Dennis Hill Award 2024 (Suitable for students): Farheen Muhammed, University of Oxford - Microbubble generation using an acousto-fluidic device
Synopsis will be provided soon.
Due to circumstances outwith our control we will not have a speaker for the William James Award 2024 (Suitable for students).
The winner was Fenglin Liu, University of Oxford, A medical multimodal large language model for future pandemics
Deep neural networks have been integrated into the whole clinical decision procedure which can improve the efficiency of diagnosis and alleviate the heavy workload of physicians. Since most neural networks are supervised, their performance heavily depends on the volume and quality of available labels. However, few such labels exist for rare diseases (e.g., new pandemics). Here we report a medical multimodal large language model (Med-MLLM) for radiograph representation learning, which can learn broad medical knowledge (e.g., image understanding, text semantics, and clinical phenotypes) from unlabelled data. As a result, when encountering a rare disease, our Med-MLLM can be rapidly deployed and easily adapted to them with limited labels.

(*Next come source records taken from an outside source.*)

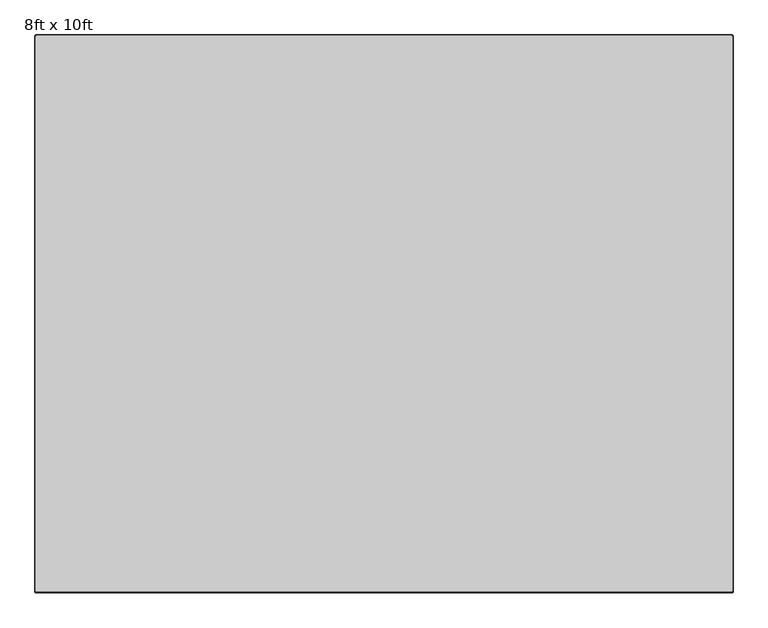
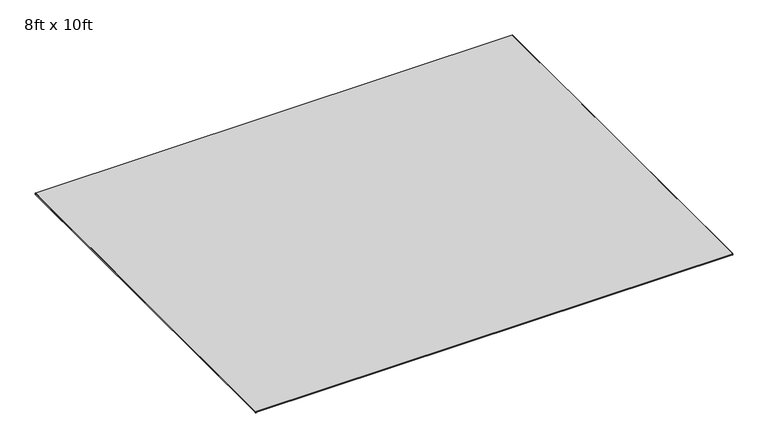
"""IFC4 building model written with IfcOpenShell, lengths in millimetres: furniture geometry, Coalesse_AM_Accessory_Rug_Nanimarquina_Diagonal : 8ft x 10ft."""

from ifc_helpers import new_model, si_unit, frame, origin, place, context, project, spatial, polyline, circle_curve, source, transform, mapped, element, save
from ifc_brep_helpers import plane_surface, cylinder_surface, revolved_surface, advanced_brep


def furniture_8ft_x_10ft_a33dcf98(model_context):
    return source(origin(), model_context, "Body", "AdvancedBrep", [
        advanced_brep(
        [(-658.8809829, 798.9249977, 6.9850002), (-661.4265124, 796.3794681, 6.9850002), (-661.4265124, -1631.8550023, 6.9850002), (-658.8865124, -1634.3950023, 6.9850002), (2378.9533713, -1634.3950023, 6.9850002), (2381.4933713, -1631.8550023, 6.9850002), (2381.4933713, 796.3849977, 6.9850002), (2378.9533713, 798.9249977, 6.9850002), (-663.9665124, 796.3794681, 4.4450002), (-658.8809829, 801.4649977, 4.4450002), (-658.8809829, 801.4649977, 0.0), (-663.9665124, 796.3794681, 0.0), (-663.9665124, -1631.8550023, 0.0), (-663.9665124, -1631.8550023, 4.4450002), (-658.8865124, -1636.9350023, 0.0), (-658.8865124, -1636.9350023, 4.4450002), (2378.9533713, -1636.9350023, 0.0), (2378.9533713, -1636.9350023, 4.4450002), (2384.0333713, -1631.8550023, 0.0), (2384.0333713, -1631.8550023, 4.4450002), (2384.0333713, 796.3849977, 0.0), (2384.0333713, 796.3849977, 4.4450002), (2378.9533713, 801.4649977, 0.0), (2378.9533713, 801.4649977, 4.4450002)],
        [
            (0, 1, circle_curve(frame((-658.8809829, 796.3794681, 6.9850002), z_axis=(0.0, 0.0, 1.0), x_axis=(0.0, 1.0, 0.0)), 2.5455296)),
            (1, 2),
            (2, 3, circle_curve(frame((-658.8865124, -1631.8550023, 6.9850002), z_axis=(0.0, 0.0, 1.0), x_axis=(-1.0, 0.0, 0.0)), 2.54)),
            (3, 4),
            (4, 5, circle_curve(frame((2378.9533713, -1631.8550023, 6.9850002), z_axis=(0.0, 0.0, 1.0), x_axis=(0.0, -1.0, 0.0)), 2.54)),
            (5, 6),
            (6, 7, circle_curve(frame((2378.9533713, 796.3849977, 6.9850002), z_axis=(0.0, 0.0, 1.0), x_axis=(1.0, 0.0, 0.0)), 2.54)),
            (7, 0),
            (8, 9, circle_curve(frame((-658.8809829, 796.3794681, 4.4450002), z_axis=(0.0, 0.0, -1.0), x_axis=(0.0, 1.0, 0.0)), 5.0855296)),
            (9, 10),
            (10, 11, circle_curve(frame((-658.8809829, 796.3794681, 0.0), z_axis=(0.0, 0.0, 1.0), x_axis=(0.0, 1.0, 0.0)), 5.0855296)),
            (11, 8),
            (8, 1),
            (0, 9),
            (11, 12),
            (12, 13),
            (13, 8),
            (13, 2),
            (12, 14, circle_curve(frame((-658.8865124, -1631.8550023, 0.0), z_axis=(0.0, 0.0, 1.0), x_axis=(-1.0, 0.0, 0.0)), 5.08)),
            (14, 15),
            (15, 13, circle_curve(frame((-658.8865124, -1631.8550023, 4.4450002), z_axis=(0.0, 0.0, -1.0), x_axis=(-1.0, 0.0, 0.0)), 5.08)),
            (15, 3),
            (14, 16),
            (16, 17),
            (17, 15),
            (17, 4),
            (16, 18, circle_curve(frame((2378.9533713, -1631.8550023, 0.0), z_axis=(0.0, 0.0, 1.0), x_axis=(0.0, -1.0, 0.0)), 5.08)),
            (18, 19),
            (19, 17, circle_curve(frame((2378.9533713, -1631.8550023, 4.4450002), z_axis=(0.0, 0.0, -1.0), x_axis=(0.0, -1.0, 0.0)), 5.08)),
            (19, 5),
            (18, 20),
            (20, 21),
            (21, 19),
            (21, 6),
            (20, 22, circle_curve(frame((2378.9533713, 796.3849977, 0.0), z_axis=(0.0, 0.0, 1.0), x_axis=(1.0, 0.0, 0.0)), 5.08)),
            (22, 23),
            (23, 21, circle_curve(frame((2378.9533713, 796.3849977, 4.4450002), z_axis=(0.0, 0.0, -1.0), x_axis=(1.0, 0.0, 0.0)), 5.08)),
            (23, 7),
            (10, 22),
            (9, 23),
        ],
        [
            plane_surface(frame((-658.8809829, 798.9249977, 6.9850002), z_axis=(0.0, 0.0, 1.0), x_axis=(-1.0, 0.0, 0.0))),
            cylinder_surface(frame((-658.8809829, 796.3794681, 0.0), z_axis=(0.0, 0.0, 1.0), x_axis=(0.0, 1.0, 0.0)), 5.0855296),
            revolved_surface(polyline([(-658.8809829, 801.4649977, 4.4450002), (-658.8809829, 798.9249977, 6.9850002)]), (-658.8809829, 796.3794681, 0.0), (0.0, 0.0, 1.0)),
            plane_surface(frame((-663.9665124, 796.3794681, 0.0), z_axis=(-1.0, 0.0, 0.0), x_axis=(0.0, -1.0, 0.0))),
            plane_surface(frame((-663.9665124, 796.3794681, 4.4450002), z_axis=(-0.7071067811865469, 0.0, 0.7071067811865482), x_axis=(0.0, -1.0, 0.0))),
            cylinder_surface(frame((-658.8865124, -1631.8550023, 0.0), z_axis=(0.0, 0.0, 1.0), x_axis=(-1.0, 0.0, 0.0)), 5.08),
            revolved_surface(polyline([(-663.9665124, -1631.8550023, 4.4450002), (-661.4265124, -1631.8550023, 6.9850002)]), (-658.8865124, -1631.8550023, 0.0), (0.0, 0.0, 1.0)),
            plane_surface(frame((-658.8865124, -1636.9350023, 0.0), z_axis=(0.0, -1.0, 0.0), x_axis=(1.0, 0.0, 0.0))),
            plane_surface(frame((-658.8865124, -1636.9350023, 4.4450002), z_axis=(0.0, -0.7071067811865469, 0.7071067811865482), x_axis=(1.0, 0.0, 0.0))),
            cylinder_surface(frame((2378.9533713, -1631.8550023, 0.0), z_axis=(0.0, 0.0, 1.0), x_axis=(0.0, -1.0, 0.0)), 5.08),
            revolved_surface(polyline([(2378.9533713, -1636.9350023, 4.4450002), (2378.9533713, -1634.3950023, 6.9850002)]), (2378.9533713, -1631.8550023, 0.0), (0.0, 0.0, 1.0)),
            plane_surface(frame((2384.0333713, -1631.8550023, 0.0), z_axis=(1.0, 0.0, 0.0), x_axis=(0.0, 1.0, 0.0))),
            plane_surface(frame((2384.0333713, -1631.8550023, 4.4450002), z_axis=(0.7071067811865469, 0.0, 0.7071067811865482), x_axis=(0.0, 1.0, 0.0))),
            cylinder_surface(frame((2378.9533713, 796.3849977, 0.0), z_axis=(0.0, 0.0, 1.0), x_axis=(1.0, 0.0, 0.0)), 5.08),
            revolved_surface(polyline([(2384.0333713, 796.3849977, 4.4450002), (2381.4933713, 796.3849977, 6.9850002)]), (2378.9533713, 796.3849977, 0.0), (0.0, 0.0, 1.0)),
            plane_surface(frame((2378.9533713, 798.9249977, 0.0), z_axis=(0.0, 0.0, -1.0), x_axis=(-1.0, 0.0, 0.0))),
            plane_surface(frame((2378.9533713, 801.4649977, 0.0), z_axis=(0.0, 1.0, 0.0), x_axis=(-1.0, 0.0, 0.0))),
            plane_surface(frame((2378.9533713, 801.4649977, 4.4450002), z_axis=(0.0, 0.7071067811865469, 0.7071067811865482), x_axis=(-1.0, 0.0, 0.0))),
        ],
        [
            (0, [[1, 2, 3, 4, 5, 6, 7, 8]]),
            (1, [[9, 10, 11, 12]]),
            (2, [[-9, 13, -1, 14]]),
            (3, [[-12, 15, 16, 17]]),
            (4, [[-13, -17, 18, -2]]),
            (5, [[-16, 19, 20, 21]]),
            (6, [[-18, -21, 22, -3]]),
            (7, [[-20, 23, 24, 25]]),
            (8, [[-22, -25, 26, -4]]),
            (9, [[-24, 27, 28, 29]]),
            (10, [[-26, -29, 30, -5]]),
            (11, [[-28, 31, 32, 33]]),
            (12, [[-30, -33, 34, -6]]),
            (13, [[-32, 35, 36, 37]]),
            (14, [[-34, -37, 38, -7]]),
            (15, [[-11, 39, -35, -31, -27, -23, -19, -15]]),
            (16, [[-10, 40, -36, -39]]),
            (17, [[-14, -8, -38, -40]]),
        ],
    ),
    ])


if __name__ == "__main__":
    model = new_model("IFC4")
    model_context = context("Model", 3, world=origin())
    ifc_project = project(units=[si_unit("LENGTHUNIT", "METRE", prefix="MILLI")], contexts=[model_context])
    site = spatial("IfcSite", under=ifc_project)
    building = spatial("IfcBuilding", under=site)
    placement = place(None, origin())
    furniture_8ft_x_10ft_shape = furniture_8ft_x_10ft_a33dcf98(model_context)
    element("IfcFurniture", 1, ObjectType="Coalesse_AM_Accessory_Rug_Nanimarquina_Diagonal : 8ft x 10ft", at=placement, inside=building, context=model_context, shape_type="MappedRepresentation", body=[
        mapped(furniture_8ft_x_10ft_shape, transform((0.0, 0.0, 0.0), x_axis=(1.0, 0.0, 0.0), y_axis=(0.0, 1.0, 0.0), z_axis=(0.0, 0.0, 1.0))),
    ])
    save(model, "model.ifc")
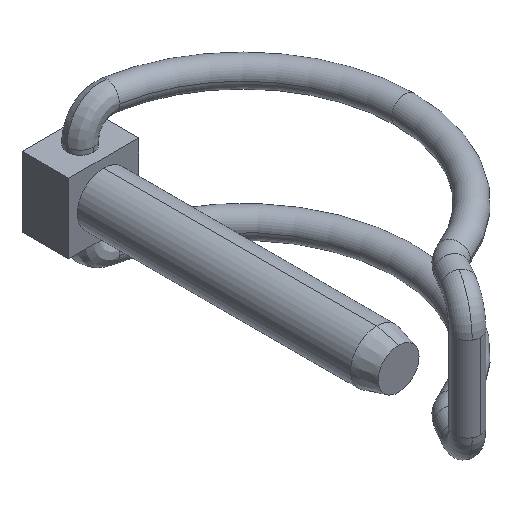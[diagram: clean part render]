
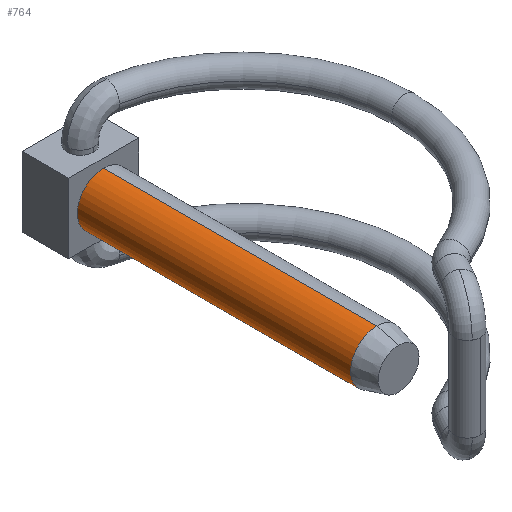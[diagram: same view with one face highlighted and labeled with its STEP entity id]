
A CAD part, isometric view. The second image highlights one B-rep face of the part: STEP entity #764.
In plain terms, the highlighted cylindrical face has radius 4 mm (diameter 8 mm), a partial arc.
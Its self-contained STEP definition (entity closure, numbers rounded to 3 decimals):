
#44 = CARTESIAN_POINT ( 'NONE',  ( 0., -45., -4. ) ) ;
#47 = EDGE_CURVE ( 'NONE', #165, #246, #648, .T. ) ;
#154 = ORIENTED_EDGE ( 'NONE', *, *, #774, .T. ) ;
#165 = VERTEX_POINT ( 'NONE', #1058 ) ;
#166 = EDGE_CURVE ( 'NONE', #1713, #246, #257, .T. ) ;
#171 = DIRECTION ( 'NONE',  ( 0., 0., 1. ) ) ;
#182 = EDGE_LOOP ( 'NONE', ( #1503, #154, #1727, #565 ) ) ;
#236 = CARTESIAN_POINT ( 'NONE',  ( 0., -41.683, 0. ) ) ;
#246 = VERTEX_POINT ( 'NONE', #616 ) ;
#257 = CIRCLE ( 'NONE', #1315, 4. ) ;
#307 = AXIS2_PLACEMENT_3D ( 'NONE', #236, #1638, #321 ) ;
#321 = DIRECTION ( 'NONE',  ( 0., 0., 1. ) ) ;
#337 = DIRECTION ( 'NONE',  ( 0., 1., 0. ) ) ;
#441 = CARTESIAN_POINT ( 'NONE',  ( 0., 0., -4. ) ) ;
#565 = ORIENTED_EDGE ( 'NONE', *, *, #166, .F. ) ;
#616 = CARTESIAN_POINT ( 'NONE',  ( 0., 0., 4. ) ) ;
#648 = LINE ( 'NONE', #1225, #704 ) ;
#704 = VECTOR ( 'NONE', #1799, 1000. ) ;
#748 = CARTESIAN_POINT ( 'NONE',  ( 0., -41.683, -4. ) ) ;
#764 = ADVANCED_FACE ( 'NONE', ( #1005 ), #1444, .T. ) ;
#774 = EDGE_CURVE ( 'NONE', #850, #165, #1330, .T. ) ;
#850 = VERTEX_POINT ( 'NONE', #748 ) ;
#948 = DIRECTION ( 'NONE',  ( 0., 1., 0. ) ) ;
#964 = VECTOR ( 'NONE', #337, 1000. ) ;
#1005 = FACE_OUTER_BOUND ( 'NONE', #182, .T. ) ;
#1058 = CARTESIAN_POINT ( 'NONE',  ( 0., -41.683, 4. ) ) ;
#1225 = CARTESIAN_POINT ( 'NONE',  ( 0., -45., 4. ) ) ;
#1276 = EDGE_CURVE ( 'NONE', #850, #1713, #1622, .T. ) ;
#1302 = CARTESIAN_POINT ( 'NONE',  ( 0., -45., 0. ) ) ;
#1304 = AXIS2_PLACEMENT_3D ( 'NONE', #1302, #948, #1529 ) ;
#1315 = AXIS2_PLACEMENT_3D ( 'NONE', #1337, #1635, #171 ) ;
#1330 = CIRCLE ( 'NONE', #307, 4. ) ;
#1337 = CARTESIAN_POINT ( 'NONE',  ( 0., 0., 0. ) ) ;
#1444 = CYLINDRICAL_SURFACE ( 'NONE', #1304, 4. ) ;
#1503 = ORIENTED_EDGE ( 'NONE', *, *, #1276, .F. ) ;
#1529 = DIRECTION ( 'NONE',  ( 0., 0., 1. ) ) ;
#1622 = LINE ( 'NONE', #44, #964 ) ;
#1635 = DIRECTION ( 'NONE',  ( 0., 1., 0. ) ) ;
#1638 = DIRECTION ( 'NONE',  ( 0., 1., 0. ) ) ;
#1713 = VERTEX_POINT ( 'NONE', #441 ) ;
#1727 = ORIENTED_EDGE ( 'NONE', *, *, #47, .T. ) ;
#1799 = DIRECTION ( 'NONE',  ( 0., 1., 0. ) ) ;
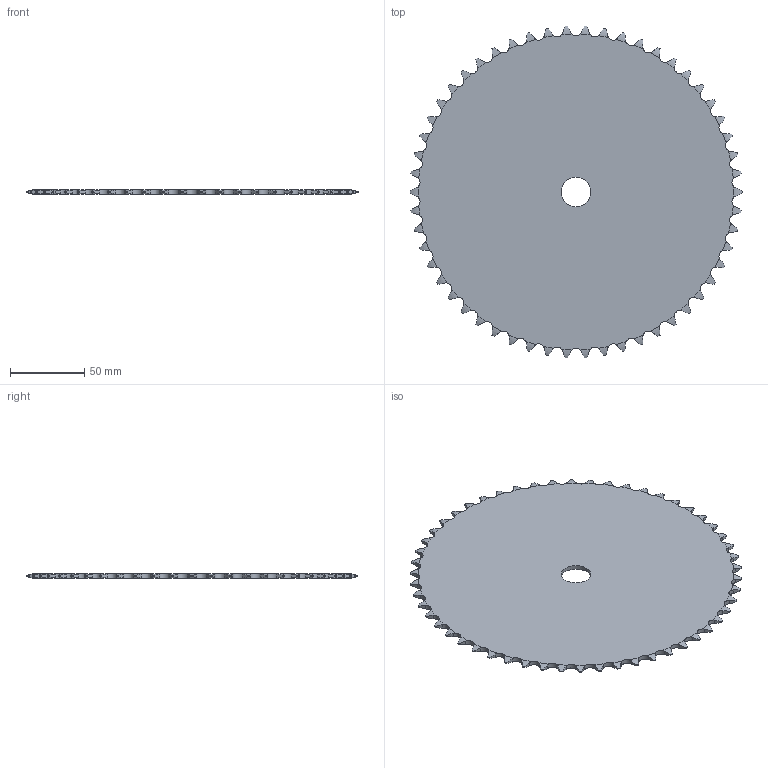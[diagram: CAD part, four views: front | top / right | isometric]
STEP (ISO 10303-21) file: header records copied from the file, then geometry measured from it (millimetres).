
FILE_DESCRIPTION((''),'2;1');
FILE_NAME('500-201-0054_PRT','2021-02-12T',('Brieden'),('Brieden'),'PRO/ENGINEER BY PARAMETRIC TECHNOLOGY CORPORATION, 2010160','PRO/ENGINEER BY PARAMETRIC TECHNOLOGY CORPORATION, 2010160','');
FILE_SCHEMA(('AUTOMOTIVE_DESIGN { 1 0 10303 214 1 1 1 1 }'));
Length unit declared in the file: millimetre
Products named in the file (1): 500-201-0054_PRT
Bounding box: 223.75 x 223.45 x 3 mm (x, y, z)
Volume: 108044.8 mm3; surface area: 75203.2 mm2
Topology: 1 solids, 1 shells, 328 faces, 978 edges, 652 vertices
Faces by surface type: cylinder 218, torus 108, plane 2
Entity records: 16064 total; most frequent: CARTESIAN_POINT 4771, ORIENTED_EDGE 1956, DIRECTION 1530, PRESENTATION_STYLE_ASSIGNMENT 979, STYLED_ITEM 979, CURVE_STYLE 978, EDGE_CURVE 978, AXIS2_PLACEMENT_3D 656
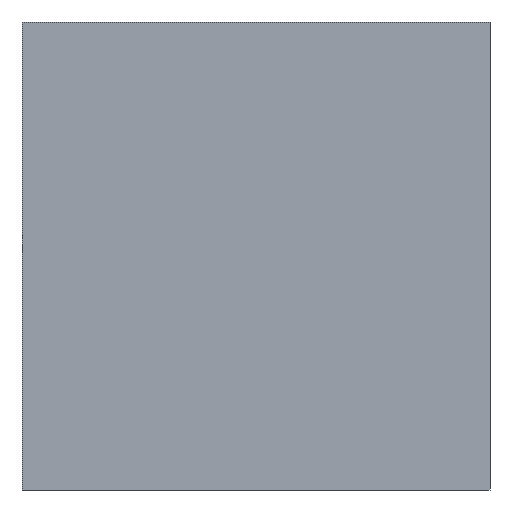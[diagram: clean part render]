
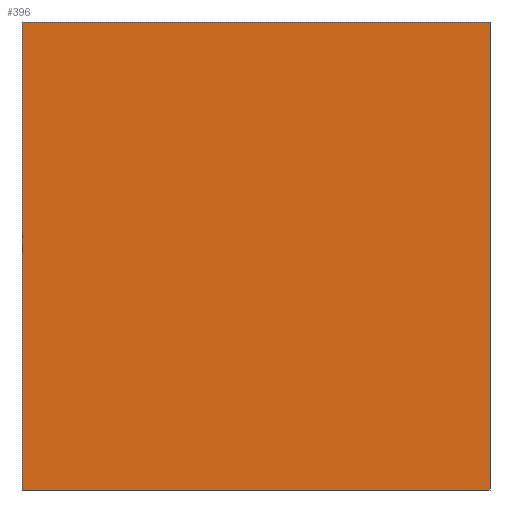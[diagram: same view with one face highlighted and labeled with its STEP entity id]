
A CAD part, front view. The second image highlights one B-rep face of the part: STEP entity #396.
In plain terms, the highlighted planar face has unit normal (0, -1, 0).
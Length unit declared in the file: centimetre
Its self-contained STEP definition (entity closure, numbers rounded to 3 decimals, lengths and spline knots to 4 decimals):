
#1 = EDGE_CURVE ( 'NONE', #520, #160, #203, .T. ) ;
#23 = LINE ( 'NONE', #519, #306 ) ;
#28 = VECTOR ( 'NONE', #392, 100. ) ;
#46 = CARTESIAN_POINT ( 'NONE',  ( 0., 0., 1000. ) ) ;
#52 = EDGE_CURVE ( 'NONE', #358, #520, #292, .T. ) ;
#68 = ORIENTED_EDGE ( 'NONE', *, *, #52, .T. ) ;
#70 = CARTESIAN_POINT ( 'NONE',  ( 1000., 0., 0. ) ) ;
#74 = VECTOR ( 'NONE', #341, 100. ) ;
#76 = EDGE_CURVE ( 'NONE', #277, #160, #23, .T. ) ;
#102 = CARTESIAN_POINT ( 'NONE',  ( 0., 0., 0. ) ) ;
#120 = ORIENTED_EDGE ( 'NONE', *, *, #76, .F. ) ;
#160 = VERTEX_POINT ( 'NONE', #70 ) ;
#167 = EDGE_LOOP ( 'NONE', ( #215, #120, #173, #68 ) ) ;
#173 = ORIENTED_EDGE ( 'NONE', *, *, #274, .F. ) ;
#200 = CARTESIAN_POINT ( 'NONE',  ( 0., 0., 0. ) ) ;
#203 = LINE ( 'NONE', #102, #464 ) ;
#213 = LINE ( 'NONE', #263, #28 ) ;
#215 = ORIENTED_EDGE ( 'NONE', *, *, #1, .T. ) ;
#245 = DIRECTION ( 'NONE',  ( 1., 0., 0. ) ) ;
#260 = CARTESIAN_POINT ( 'NONE',  ( 1000., 0., 1000. ) ) ;
#263 = CARTESIAN_POINT ( 'NONE',  ( 0., 0., 1000. ) ) ;
#272 = PLANE ( 'NONE',  #320 ) ;
#274 = EDGE_CURVE ( 'NONE', #358, #277, #213, .T. ) ;
#277 = VERTEX_POINT ( 'NONE', #260 ) ;
#279 = DIRECTION ( 'NONE',  ( 0., 0., 1. ) ) ;
#292 = LINE ( 'NONE', #380, #74 ) ;
#306 = VECTOR ( 'NONE', #571, 100. ) ;
#318 = CARTESIAN_POINT ( 'NONE',  ( 0., 0., 1000. ) ) ;
#320 = AXIS2_PLACEMENT_3D ( 'NONE', #46, #371, #279 ) ;
#341 = DIRECTION ( 'NONE',  ( 0., 0., -1. ) ) ;
#358 = VERTEX_POINT ( 'NONE', #318 ) ;
#371 = DIRECTION ( 'NONE',  ( 0., 1., 0. ) ) ;
#380 = CARTESIAN_POINT ( 'NONE',  ( 0., 0., 1000. ) ) ;
#392 = DIRECTION ( 'NONE',  ( 1., 0., 0. ) ) ;
#396 = ADVANCED_FACE ( 'NONE', ( #454 ), #272, .F. ) ;
#454 = FACE_OUTER_BOUND ( 'NONE', #167, .T. ) ;
#464 = VECTOR ( 'NONE', #245, 100. ) ;
#519 = CARTESIAN_POINT ( 'NONE',  ( 1000., 0., 1000. ) ) ;
#520 = VERTEX_POINT ( 'NONE', #200 ) ;
#571 = DIRECTION ( 'NONE',  ( 0., 0., -1. ) ) ;

Furthermore, our model supports medical data across visual modality (e.g., chest X-ray and CT) and textual modality (e.g., medical report and free-text clinical note); therefore, it can be used for clinical tasks that involve both visual and textual data. We demonstrate the effectiveness of our Med-MLLM by showing how it would perform using the COVID-19 pandemic "in replay". In the retrospective setting, we test the model on the early COVID-19 datasets; and in the prospective setting, we test the model on the new variant COVID-19-Omicron. The experiments are conducted on 1) three kinds of input data; 2) three kinds of downstream tasks, including disease reporting, diagnosis, and prognosis; 3) five COVID-19 datasets; and 4) three different languages, including English, Chinese, and Spanish. All experiments show that our model can make accurate and robust COVID-19 decision-support with little labelled data.